[Excerpted records — start]

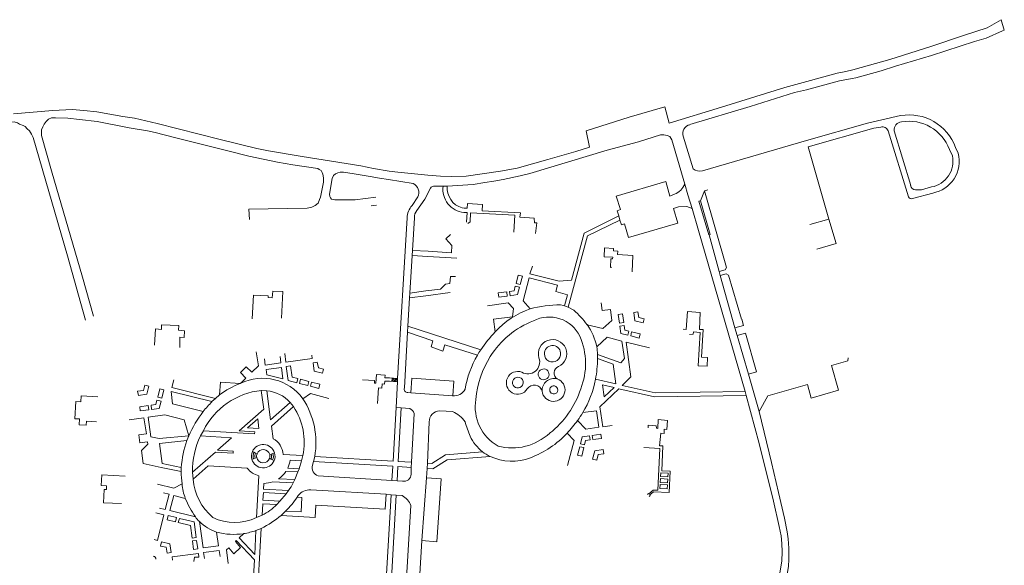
# Model space of a CAD drawing. Extents: x 145000 to 155000, y 457500 to 470000.
# Tile 43 of 196: x 145197 to 145543, y 462594 to 462786. Entities that reach past the tile are written whole.
import ezdxf

# ---------------------------------------------------------------- set-up
doc = ezdxf.new("R2010")
doc.units = 0
doc.header["$LTSCALE"] = 0.2
doc.header["$MEASUREMENT"] = 0
doc.layers.add('kant verharding', color=252, linetype='Continuous', lineweight=0)

msp = doc.modelspace()

# ---------------------------------------------------------------- linework, layer by layer
at = {"layer": 'kant verharding', "lineweight": 0, "flags": 128}
for points in [[(145490.02, 462767.99), (145503.12, 462771.53), (145517.54, 462776.16), (145529.07, 462780), (145537.36, 462782.72), (145542.3, 462785.57)], [(145542.3, 462785.57), (145543.4, 462781.88)], [(145543.4, 462781.88), (145542.77, 462781.69), (145537.01, 462779.12), (145532.92, 462777.85), (145517.8, 462772.93), (145505.14, 462769.18), (145500.04, 462767.53), (145491.11, 462765.17), (145489.88, 462764.91), (145485.37, 462764.05), (145473.72, 462760.91), (145469.56, 462759.97), (145453.91, 462755.06), (145432.65, 462748.64)], [(145194.51, 462752.44), (145208.38, 462753.68), (145215.18, 462753.94), (145219.3, 462753.68), (145223.87, 462753.12), (145232.95, 462751.52), (145237.14, 462750.93), (145245.04, 462749), (145267.29, 462743.42), (145280.15, 462740.21), (145284.31, 462739.38), (145296.09, 462737.45), (145316.75, 462734.19), (145321.23, 462733.22), (145326.77, 462732.32), (145329.79, 462731.91), (145340.38, 462730.81), (145344.8, 462730.5), (145348.62, 462730.35), (145353.95, 462730.55), (145365.95, 462732.28), (145371.84, 462733.35), (145382.66, 462736.38), (145392.5, 462739.17), (145397.27, 462740.71), (145396.13, 462746.47), (145411.3, 462751.22), (145423.88, 462754.92), (145425.37, 462749.22), (145443.8, 462754.75), (145466.08, 462761.67), (145473.84, 462763.88), (145484.53, 462766.79)], [(145484.53, 462766.79), (145487.56, 462767.35)], [(145487.56, 462767.35), (145490.02, 462767.99)], [(145437.09, 462732.41), (145473.78, 462743.09), (145495.26, 462749.22), (145506.89, 462751.83)], [(145052.29, 462699.24), (145055.96, 462701.16), (145058.46, 462702.25), (145105.18, 462719.71), (145130.83, 462729.69), (145150.44, 462737.35), (145162.75, 462741.73), (145172.8, 462745.07), (145175.84, 462745.97), (145179.78, 462747.09), (145185.77, 462748.34), (145189.09, 462749.14), (145191.24, 462749.44), (145192.97, 462749.49), (145194.77, 462749.59), (145195.86, 462749.32), (145196.63, 462748.81), (145197.83, 462748.37), (145198.65, 462747.99), (145199.31, 462747.2), (145200.17, 462746.41), (145200.83, 462745.33), (145201.37, 462744.17), (145213.48, 462702.42)], [(145277.59, 462715.22), (145277.35, 462718.87), (145297.93, 462719.27), (145299.49, 462719.64), (145300.7, 462720.2), (145301.73, 462721.04), (145302.28, 462722.31), (145302.61, 462723.08), (145303.61, 462728.44), (145303.66, 462729.96), (145303.45, 462731.17), (145303.16, 462731.75), (145302.82, 462732.48), (145302.08, 462732.91), (145301.65, 462733.17), (145292.85, 462734.51), (145287.48, 462735.49), (145277.34, 462737.55), (145270.46, 462739.3), (145251.23, 462744.16), (145244.4, 462745.93), (145241.66, 462746.44), (145235.27, 462747.51), (145224, 462749.71), (145217.71, 462750.42), (145213.59, 462750.91), (145209.22, 462751.09), (145207.92, 462751.01), (145206.86, 462750.52), (145205.95, 462749.76), (145205.26, 462748.77), (145204.8, 462747.93), (145204.33, 462746.81), (145204.38, 462744.81), (145207.9, 462732.41), (145218.8, 462694.97), (145222.65, 462681.2)], [(145430.86, 462727.71), (145426.37, 462743.33), (145425.63, 462744.42), (145424.66, 462744.88), (145423.47, 462745.1), (145422.34, 462745.11), (145414.63, 462742.57), (145403.51, 462739.62), (145376.32, 462731.49), (145372.93, 462730.61), (145366.89, 462729.3), (145363.63, 462728.74), (145360.49, 462728.28), (145356.38, 462727.59), (145347.21, 462727.02)], [(145499.92, 462747.76), (145497.43, 462747.36), (145474.37, 462740.86), (145481.64, 462715.43)], [(145509.71, 462723.23), (145502.45, 462746.44)], [(145504.59, 462746.45), (145510.43, 462727.23)], [(145430.29, 462744.54), (145433.83, 462733.08)], [(145525.1, 462737.65), (145524.09, 462739.89)], [(145526.18, 462740.66), (145527.13, 462738.57)], [(145314.48, 462731.37), (145310.64, 462731.97), (145309.54, 462731.88), (145308.66, 462731.67), (145307.93, 462731.31), (145307.22, 462730.74), (145306.71, 462729.7), (145305.75, 462724.16), (145305.84, 462723.41), (145306.06, 462722.91), (145306.45, 462722.47), (145307.6, 462722.21), (145313.27, 462722.13), (145314.85, 462722.16), (145322.11, 462723.12)], [(145335.23, 462727.91), (145326.53, 462729.35), (145323.33, 462729.82), (145320.09, 462730.41), (145314.48, 462731.37)], [(145427.3, 462724.14), (145425.65, 462723.53), (145424.18, 462728.65), (145406.77, 462723.53), (145408.26, 462718.78), (145407.04, 462718.37), (145407.65, 462716.52)], [(145433.45, 462719.16), (145431.97, 462723.9), (145430.86, 462727.71)], [(145341.31, 462726.32), (145339.3, 462722.47), (145336.5, 462718.42)], [(145342.83, 462727.03), (145345.78, 462727.03)], [(145345.78, 462727.03), (145347.21, 462727.02)], [(145437.81, 462725.31), (145436.36, 462721.78)], [(145437.81, 462725.31), (145439.03, 462725.7)], [(145442.94, 462696.95), (145445.08, 462697.57), (145445.56, 462698.43), (145437.81, 462725.31)], [(145518.19, 462724.58), (145511.02, 462722.61)], [(145512.17, 462725.73), (145514.25, 462725.69), (145517.8, 462726.73)], [(145334.85, 462720.2), (145336.83, 462723.2)], [(145378.31, 462710.36), (145378.83, 462714.06), (145377.9, 462714.12), (145377.85, 462715.79), (145372.85, 462716.13), (145373.01, 462717.62), (145359.58, 462718.34), (145359.65, 462720.53), (145354.33, 462720.85), (145354.26, 462719.25), (145353.24, 462719.3)], [(145436.36, 462721.78), (145435.87, 462721.66), (145439.34, 462709.85), (145439.49, 462709.9)], [(145439.49, 462709.9), (145439.8, 462710.01), (145436.36, 462721.78)], [(145320.41, 462720.08), (145322.26, 462720.25)], [(145353.24, 462719.3), (145352.47, 462719.34)], [(145353.1, 462717.76), (145354.22, 462717.72), (145354.05, 462714.34)], [(145354.51, 462713.82), (145355.33, 462714.48), (145355.44, 462717.64), (145371, 462716.75), (145370.69, 462710.78)], [(145408.05, 462715.06), (145408.62, 462713.37), (145409.69, 462713.75), (145411.08, 462708.88), (145428.43, 462713.92), (145426.93, 462719.16), (145428.71, 462719.75), (145431.6, 462719.86), (145433.45, 462719.16)], [(145433.45, 462719.16), (145435.74, 462711.4), (145452.1, 462654.69)], [(145329.77, 462659.29), (145333.07, 462715.84)], [(145335.65, 462715.88), (145334.98, 462704.4)], [(145407.65, 462716.52), (145395.48, 462710.5), (145391, 462693.97), (145386.64, 462693.58), (145376.31, 462696.16), (145377.21, 462698.9)], [(145389.87, 462684.4), (145396.64, 462709.49), (145408.05, 462715.06)], [(145408.05, 462715.06), (145407.65, 462716.52)], [(145481.64, 462715.43), (145474.88, 462713.47)], [(145481.64, 462715.43), (145484.15, 462706.78)], [(145340.46, 462704.07), (145348.69, 462703.57), (145348.82, 462706.06), (145346.71, 462708.46), (145348.39, 462710)], [(145439.49, 462709.9), (145442.94, 462696.95)], [(145484.15, 462706.78), (145477.39, 462704.82)], [(145334.87, 462702.54), (145334.98, 462704.4)], [(145334.98, 462704.4), (145340.46, 462704.07)], [(145405.22, 462698.5), (145404.71, 462698.43), (145404.86, 462701.44), (145405.45, 462701.39), (145405.49, 462702.01), (145402.49, 462702.18), (145402.64, 462705.31), (145405.81, 462705.11), (145405.75, 462704.22), (145407.25, 462704.14), (145407.17, 462702.95), (145412.61, 462702.63), (145412.3, 462696.9)], [(145213.48, 462702.42), (145219.88, 462679.85)], [(145334.06, 462689.38), (145334.87, 462702.54)], [(145334.87, 462702.54), (145340.37, 462702.25)], [(145340.37, 462702.25), (145350.55, 462701.69)], [(145443.36, 462695.52), (145442.94, 462696.95)], [(145339.73, 462690.12), (145344.9, 462690.79), (145346.59, 462692.56), (145348.12, 462692.75), (145348.34, 462695.26), (145350.18, 462695.19)], [(145372.2, 462695.7), (145373.68, 462695.34), (145372.91, 462692.42), (145371.46, 462692.8), (145372.2, 462695.7)], [(145376.41, 462683.81), (145373.95, 462686.59), (145376.07, 462694.74), (145386.02, 462692.14), (145385.43, 462689.93), (145389.58, 462688.75), (145388.54, 462684.91)], [(145448.53, 462677.1), (145451.58, 462677.98), (145450.94, 462680.2), (145450.81, 462680.18), (145446.33, 462695.64), (145445.49, 462696.12), (145443.36, 462695.52)], [(145443.36, 462695.52), (145448.53, 462677.1)], [(145285.76, 462690.08), (145285.62, 462687.69), (145284.12, 462687.77), (145284.15, 462688.35), (145278.96, 462688.66), (145278.49, 462680.31)], [(145289.35, 462689.87), (145285.76, 462690.08)], [(145288.81, 462680.54), (145289.35, 462689.87)], [(145333.99, 462687.7), (145334.06, 462689.38)], [(145334.06, 462689.38), (145339.73, 462690.12)], [(145348.2, 462689.59), (145339.64, 462688.45)], [(145368.36, 462688.32), (145368.16, 462689.83), (145365.16, 462689.45), (145365.34, 462687.91), (145368.36, 462688.32)], [(145370.74, 462690.19), (145371.2, 462691.83), (145372.65, 462691.46), (145372.02, 462688.85), (145369.35, 462688.46), (145369.14, 462689.96), (145370.74, 462690.19)], [(145333.99, 462687.7), (145333.34, 462677.77)], [(145339.64, 462688.45), (145333.99, 462687.7)], [(145364.07, 462675.69), (145363.48, 462680.14), (145370.18, 462681.05), (145370.59, 462683.95), (145368.74, 462685.89), (145361.42, 462684.91)], [(145401.41, 462685.98), (145401.8, 462683.22), (145404.69, 462683.63), (145405.22, 462679.68), (145402.06, 462676.87), (145396.47, 462678.25)], [(145388.54, 462684.91), (145388.19, 462685.01), (145387.17, 462685.19)], [(145388.54, 462684.91), (145389.13, 462684.69), (145389.87, 462684.4)], [(145391.8, 462683.3), (145389.87, 462684.4)], [(145414.37, 462682.83), (145414.68, 462680.82), (145416.55, 462680.33), (145416.17, 462678.88), (145413.3, 462679.6), (145412.9, 462682.56), (145414.37, 462682.83)], [(145432.52, 462674.82), (145433.86, 462674.86), (145433.9, 462675.72), (145436.31, 462675.52), (145435.65, 462663.79), (145438.73, 462663.66), (145438.9, 462666.75), (145436.8, 462666.87), (145437.37, 462676.51), (145436.06, 462676.58), (145436.27, 462682.58), (145431.8, 462682.89), (145431.36, 462676.61), (145430.33, 462676.69)], [(145407.87, 462678.75), (145407.43, 462681.84), (145408.93, 462682.06), (145409.36, 462678.97), (145407.87, 462678.75)], [(145244.09, 462671.06), (145244.51, 462676.76), (145246.63, 462676.58), (145246.65, 462678.23), (145252.69, 462677.92), (145252.6, 462676.29), (145254.68, 462676.11), (145254.58, 462673.73), (145253.07, 462673.8), (145253.01, 462670.25)], [(145333.2, 462675.59), (145332.13, 462656.02)], [(145333.34, 462677.77), (145333.2, 462675.59)], [(145333.2, 462675.59), (145342.21, 462672.57), (145341.51, 462670.44), (145345.67, 462668.96), (145346.42, 462671.19), (145357.88, 462667.49)], [(145359.04, 462669.39), (145333.34, 462677.77)], [(145408.37, 462675.18), (145408, 462677.77), (145409.51, 462677.96), (145409.73, 462676.37), (145411.22, 462675.99), (145410.84, 462674.55), (145408.37, 462675.18)], [(145411.83, 462674.3), (145412.15, 462675.76), (145415.21, 462674.99), (145414.85, 462673.53), (145411.83, 462674.3)], [(145448.53, 462677.1), (145449.37, 462674.41)], [(145399.87, 462670.43), (145403.59, 462673.84), (145408.77, 462672.5), (145409.61, 462666.35), (145408.35, 462664.88), (145400.13, 462667.81)], [(145418.4, 462670.05), (145410.27, 462672.12), (145411.91, 462659.93), (145408.8, 462656.89), (145420.45, 462654.26), (145452.1, 462654.69)], [(145449.37, 462674.41), (145452.24, 462675.23), (145456.15, 462661.68), (145453.26, 462660.87)], [(145449.37, 462674.41), (145453.26, 462660.87)], [(145279.99, 462668.71), (145280.71, 462663.73), (145278.38, 462661.49), (145276.4, 462663.36), (145274.38, 462661.39), (145276.32, 462659.48), (145274.51, 462657.67)], [(145357.88, 462667.49), (145358.4, 462668.42), (145359.04, 462669.39)], [(145282.84, 462666.25), (145283.14, 462664.04), (145288.68, 462664.83), (145288.38, 462667)], [(145290, 462668.13), (145290.41, 462665.07), (145299.7, 462666.38), (145299.55, 462667.58)], [(145400.15, 462666.32), (145405.62, 462664.35), (145406.61, 462657.4), (145399.43, 462659.02)], [(145400.15, 462666.32), (145400.13, 462667.81)], [(145457.05, 462647.67), (145460.15, 462653.22), (145474.04, 462657.23), (145475.39, 462652.43), (145485.02, 462655.24), (145482.53, 462663.85), (145488.26, 462665.55), (145488.36, 462666.59)], [(145283.67, 462660.66), (145283.44, 462662.44), (145288.83, 462663.18), (145289.33, 462659.2), (145283.67, 462660.66)], [(145294.23, 462657.83), (145291.16, 462658.64), (145290.54, 462663.51), (145292.04, 462663.72), (145292.63, 462659.81), (145294.6, 462659.29), (145294.23, 462657.83)], [(145301.89, 462663.06), (145303.7, 462662.62), (145303.31, 462661.15), (145300.37, 462661.9), (145299.98, 462664.83), (145301.47, 462665.05), (145301.89, 462663.06)], [(145265.59, 462652.27), (145250.23, 462656.13), (145251, 462658.84)], [(145298.09, 462656.81), (145295.17, 462657.58), (145295.55, 462659.05), (145298.46, 462658.27), (145298.09, 462656.81)], [(145326.92, 462659.49), (145325.3, 462659.6), (145325.4, 462660.5), (145322.26, 462660.68), (145322.08, 462657.69), (145321.62, 462657.72), (145321.63, 462658.61), (145317.37, 462658.83)], [(145322.72, 462650.57), (145323.02, 462655.99), (145324.2, 462655.91), (145324.29, 462657.4), (145325.18, 462657.37), (145325.26, 462658.43), (145326.84, 462658.33)], [(145329.69, 462658.15), (145326.84, 462658.33)], [(145329.77, 462659.29), (145326.92, 462659.49)], [(145327.78, 462659.43), (145327.69, 462658.28)], [(145328.18, 462659.4), (145328.09, 462658.25)], [(145328.58, 462659.38), (145328.49, 462658.22)], [(145328.97, 462659.35), (145328.89, 462658.2)], [(145329.69, 462658.15), (145329.24, 462649.15)], [(145329.37, 462659.32), (145329.29, 462658.17)], [(145329.77, 462659.29), (145329.69, 462658.15)], [(145334.38, 462654.25), (145334.77, 462659.43), (145349.53, 462658.39), (145349.14, 462653.21)], [(145453.26, 462660.87), (145457.05, 462647.67)], [(145241.42, 462653.74), (145238.45, 462653.3), (145238.21, 462654.81), (145240.22, 462655.1), (145240.73, 462657.01), (145242.16, 462656.64), (145241.42, 462653.74)], [(145247.48, 462655.29), (145246.74, 462652.35), (145245.32, 462652.71), (145246.03, 462655.64), (145247.48, 462655.29)], [(145261.28, 462647.71), (145250.45, 462650.39), (145249.97, 462654.79), (145264.38, 462651.16)], [(145261.37, 462640.95), (145279.38, 462639.8), (145279.45, 462640.51), (145273.99, 462640.86), (145282.63, 462648.49), (145281.76, 462655.11)], [(145274.28, 462657.58), (145267.33, 462658.01), (145267.07, 462653.52)], [(145274.51, 462657.67), (145274.39, 462657.63), (145274.28, 462657.58)], [(145283.71, 462654.96), (145281.76, 462655.11)], [(145283.71, 462654.96), (145285.04, 462644.8), (145291.88, 462650.89)], [(145301.96, 462655.82), (145299.04, 462656.57), (145299.4, 462658.03), (145302.33, 462657.29), (145301.96, 462655.82)], [(145452.47, 462653.33), (145420.21, 462652.87), (145407.6, 462655.73), (145401, 462649.33), (145401.97, 462642.32), (145405.34, 462642.81)], [(145405.98, 462656.14), (145402.54, 462652.81), (145401.91, 462657.03), (145405.98, 462656.14)], [(145452.1, 462654.69), (145452.47, 462653.33)], [(145223.67, 462644.07), (145220.15, 462644.31), (145220.07, 462642.87), (145217.65, 462643.02), (145217.74, 462645.06), (145216.04, 462645.15), (145216.4, 462651.22), (145218.18, 462651.15), (145218.32, 462653.24), (145224.19, 462652.89)], [(145246.48, 462651.35), (145245.84, 462648.78), (145243.08, 462648.4), (145242.93, 462649.91), (145244.57, 462650.15), (145244.96, 462651.73), (145246.48, 462651.35)], [(145265.59, 462652.27), (145264.38, 462651.16)], [(145267.07, 462653.52), (145265.59, 462652.27)], [(145305.53, 462652.31), (145299.05, 462653.99), (145296.41, 462652.19)], [(145333.38, 462654.36), (145334.38, 462654.25)], [(145349.14, 462653.21), (145334.38, 462654.25)], [(145455.38, 462564.6), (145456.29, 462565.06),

[Excerpted records — finish]

» What is needed
Go through the listing above and find each line that contains "lineweight", then copy it.

» Written response
doc.layers.add('kant verharding', color=252, linetype='Continuous', lineweight=0)
at = {"layer": 'kant verharding', "lineweight": 0, "flags": 128}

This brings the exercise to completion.